TASE-Net: A Novel Robust Deep-Learning Network for Open-Set Few-Shot UAV Recognition
Abstract
As uncrewed aerial vehicles (UAVs) are employed for many applications, UAV identification becomes critical to air traffic control nowadays. Conventional radio-frequency (RF) based UAV identification schemes can correctly recognize a UAV according to the acquired sufficient training RF signal data from a prespecified training candidate set. However, they may often fail when the model of a test UAV is not included in such a training candidate set and/or the training data are quite limited. To address the aforementioned practical challenges, a novel RF-based open-set few-shot UAV recognition technique is introduced in this work. In our proposed new approach, an RF signal of interest, such as a UAV control signal and a digital data-transmission (DDT) signal, is first sensed and segmented in the UAV frequency band using the corresponding short-time energy-to-spectral entropy ratio (ST-ESER).

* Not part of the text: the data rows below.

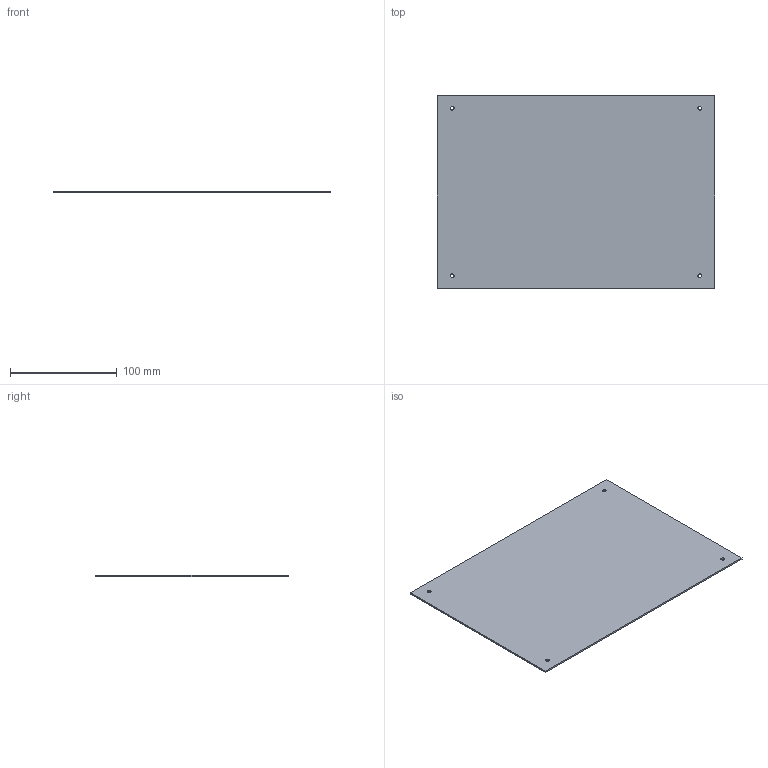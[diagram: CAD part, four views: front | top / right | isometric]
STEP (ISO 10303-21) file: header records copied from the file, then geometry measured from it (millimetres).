
FILE_DESCRIPTION(('Open CASCADE Model'),'2;1');
FILE_NAME('Open CASCADE Shape Model','2026-10-28T07:21:43',('Author'),( 'Open CASCADE'),'Open CASCADE STEP processor 7.8','Open CASCADE 7.8' ,'Unknown');
FILE_SCHEMA(('AUTOMOTIVE_DESIGN { 1 0 10303 214 1 1 1 1 }'));
Length unit declared in the file: millimetre
Products named in the file (1): Open CASCADE STEP translator 7.8 16
Bounding box: 260 x 180 x 1.5 mm (x, y, z)
Volume: 70145.5 mm3; surface area: 94911.5 mm2
Topology: 1 solids, 1 shells, 10 faces, 24 edges, 16 vertices
Faces by surface type: plane 6, cylinder 4
Full cylindrical faces by diameter (mm): 3.4 x4
Entity records: 634 total; most frequent: DIRECTION 102, CARTESIAN_POINT 99, LINE 56, VECTOR 56, ORIENTED_EDGE 48, PCURVE 48, DEFINITIONAL_REPRESENTATION 48, EDGE_CURVE 24
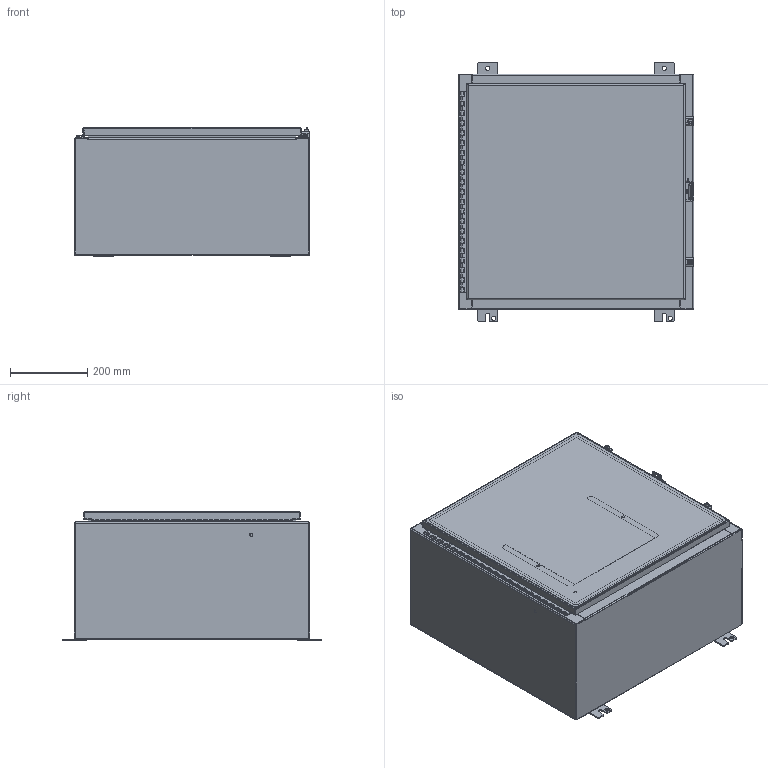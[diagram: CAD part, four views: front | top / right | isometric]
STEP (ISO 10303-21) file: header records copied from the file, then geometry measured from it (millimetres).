
FILE_DESCRIPTION((''),'2;1');
FILE_NAME('MODEL-303_ASM','2021-04-27T14:50:43',('Tony.Gonzales'),('SAGINAW CONTROL & ENGINEERING'),'CREO PARAMETRIC BY PTC INC, 2017260','CREO PARAMETRIC BY PTC INC, 2017260','');
FILE_SCHEMA(('AUTOMOTIVE_DESIGN { 1 0 10303 214 1 1 1 1 }'));
Length unit declared in the file: inch
Products named in the file (29): MODEL-303-BDY; MODEL-303-TP; MODEL-303-BTM; MODEL-303-DR; 100837; 100882; 111267; 118919_DR; 118919_PIN; 118919_BX; 118919_STUD; 118919_ASM; 100897; MODEL-303-DOOR-GASKET; 128600; 102483; MODEL-303-DOOR-ASSY_ASM; 102211; 101653; 121452; 120131_BASE; 120131_CLAMP; 120131_SCREW; 120131_CLOSED_ASM; 120134; SUBPANEL; 100904; SUBPANEL-SUBASSEMBLY_ASM; MODEL-303_ASM
Assembly tree (51 placements, depth 4):
  MODEL-303_ASM
    MODEL-303-BDY
    MODEL-303-TP
    MODEL-303-BTM
    MODEL-303-DOOR-ASSY_ASM
      MODEL-303-DR
      100837  x3
      100882  x2
      111267
      118919_ASM
        118919_DR
        118919_PIN
        118919_BX
        118919_STUD  x4
      100897  x4
      MODEL-303-DOOR-GASKET
      128600
      102483
    102211  x4
    100837
    101653  x4
    121452
    120131_CLOSED_ASM  x2
      120131_BASE
      120131_CLAMP
      120131_SCREW
    100882  x3
    120134
    SUBPANEL-SUBASSEMBLY_ASM
      SUBPANEL
      100904  x4
Bounding box: 609.6 x 673.1 x 335.48 mm (x, y, z)
Volume: 4531164.3 mm3; surface area: 4222994.8 mm2
Topology: 48 solids, 48 shells, 3445 faces, 8920 edges, 5606 vertices
Faces by surface type: plane 1354, bspline 953, cylinder 751, torus 210, sphere 93, cone 84
Entity records: 94733 total; most frequent: CARTESIAN_POINT 30773, ORIENTED_EDGE 9214, DIRECTION 8219, PRESENTATION_STYLE_ASSIGNMENT 4735, STYLED_ITEM 4735, CURVE_STYLE 4607, EDGE_CURVE 4607, VERTEX_POINT 2896
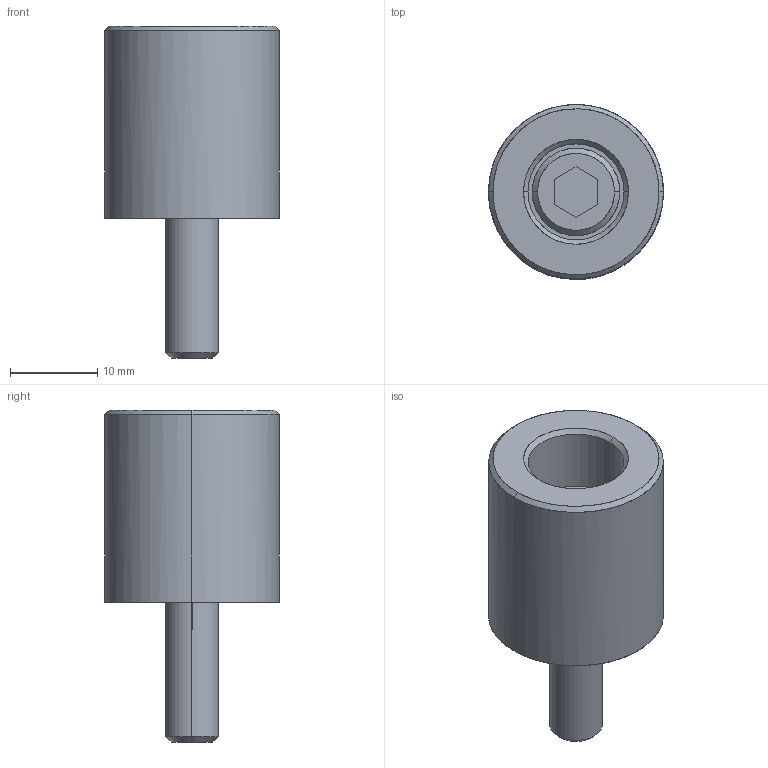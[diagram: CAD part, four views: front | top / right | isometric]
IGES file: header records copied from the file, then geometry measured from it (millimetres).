
Global section: file name: E:\UnigraphicsGraphicData\MISUMI_PRESS-PARTS\IGES\3d_sbv20-22-y-25_00590_r00.igs; native system: NX V5.0; preprocessor: UGS NX IGES V5.0; author: MISUMI; date: 20110105.162508; units: millimetre
Bounding box: 20 x 20 x 38 mm (x, y, z)
Surface area: 3404.5 mm2 (no closed solid volume)
Topology: 0 solids, 0 shells, 31 faces, 188 edges, 188 vertices
Faces by surface type: bspline 31
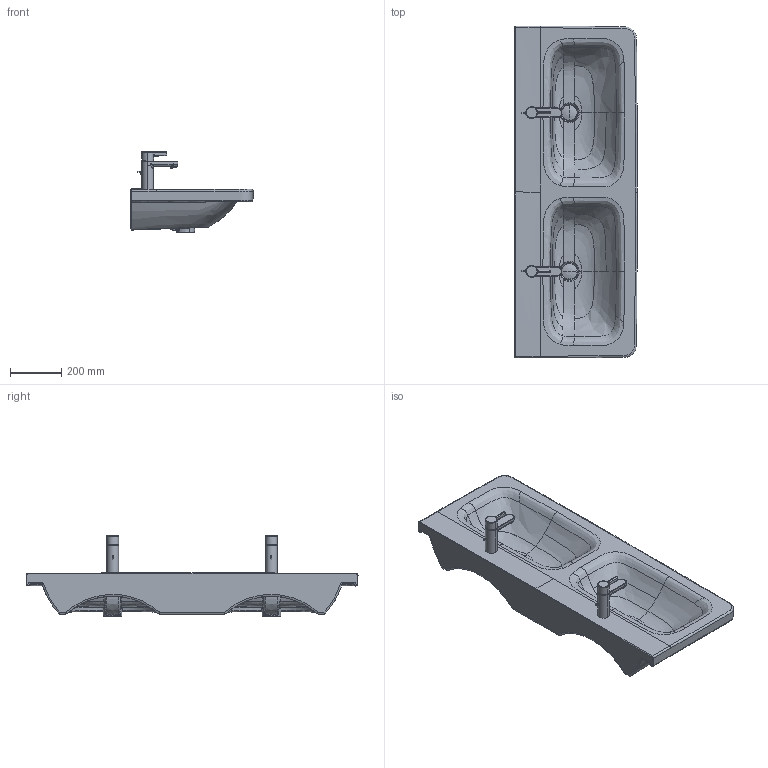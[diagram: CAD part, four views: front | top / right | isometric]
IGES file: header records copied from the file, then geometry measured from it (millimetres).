
Global section: file name: No Iges File Name specified; native system: Autodesk Inventor 2011; preprocessor: AutoDesk Inventor Iges Exporter R2011; author: Administrator; date: 20150527.145414; units: millimetre
Bounding box: 480.03 x 1300.5 x 316.46 mm (x, y, z)
Volume: 36528624.5 mm3; surface area: 2182062.3 mm2
Topology: 13 solids, 13 shells, 890 faces, 2204 edges, 1332 vertices
Faces by surface type: bspline 462, plane 156, revolution 126, cylinder 106, torus 30, cone 6, sphere 4

Then, the cyclic spectrum analysis is applied to the selected RF signal segments to construct the corresponding polyspectra, which are further utilized to establish the cyclic-paw-print (CPP) tensors. Moreover, we design a novel deep-learning (DL) network, namely, transformer-attention squeeze-excitation network (TASE-Net), by fusing the transformer-enhanced squeeze-and-excitation (SE) model and the Gaussian mixture model (GMM) into the residual network. The TASE-Net can excel in global feature modeling and unknown class detection simultaneously especially for the open-set and few-shot scenarios. Finally, the constructed CPPs are adopted as the input features of our proposed new TASE-Net to recognize the RF signals (the UAV models). Monte Carlo simulation results demonstrate that our proposed new UAV recognition approach using the TASE-Net can greatly outperform other existing DL methods for open-set few-shot UAV identification.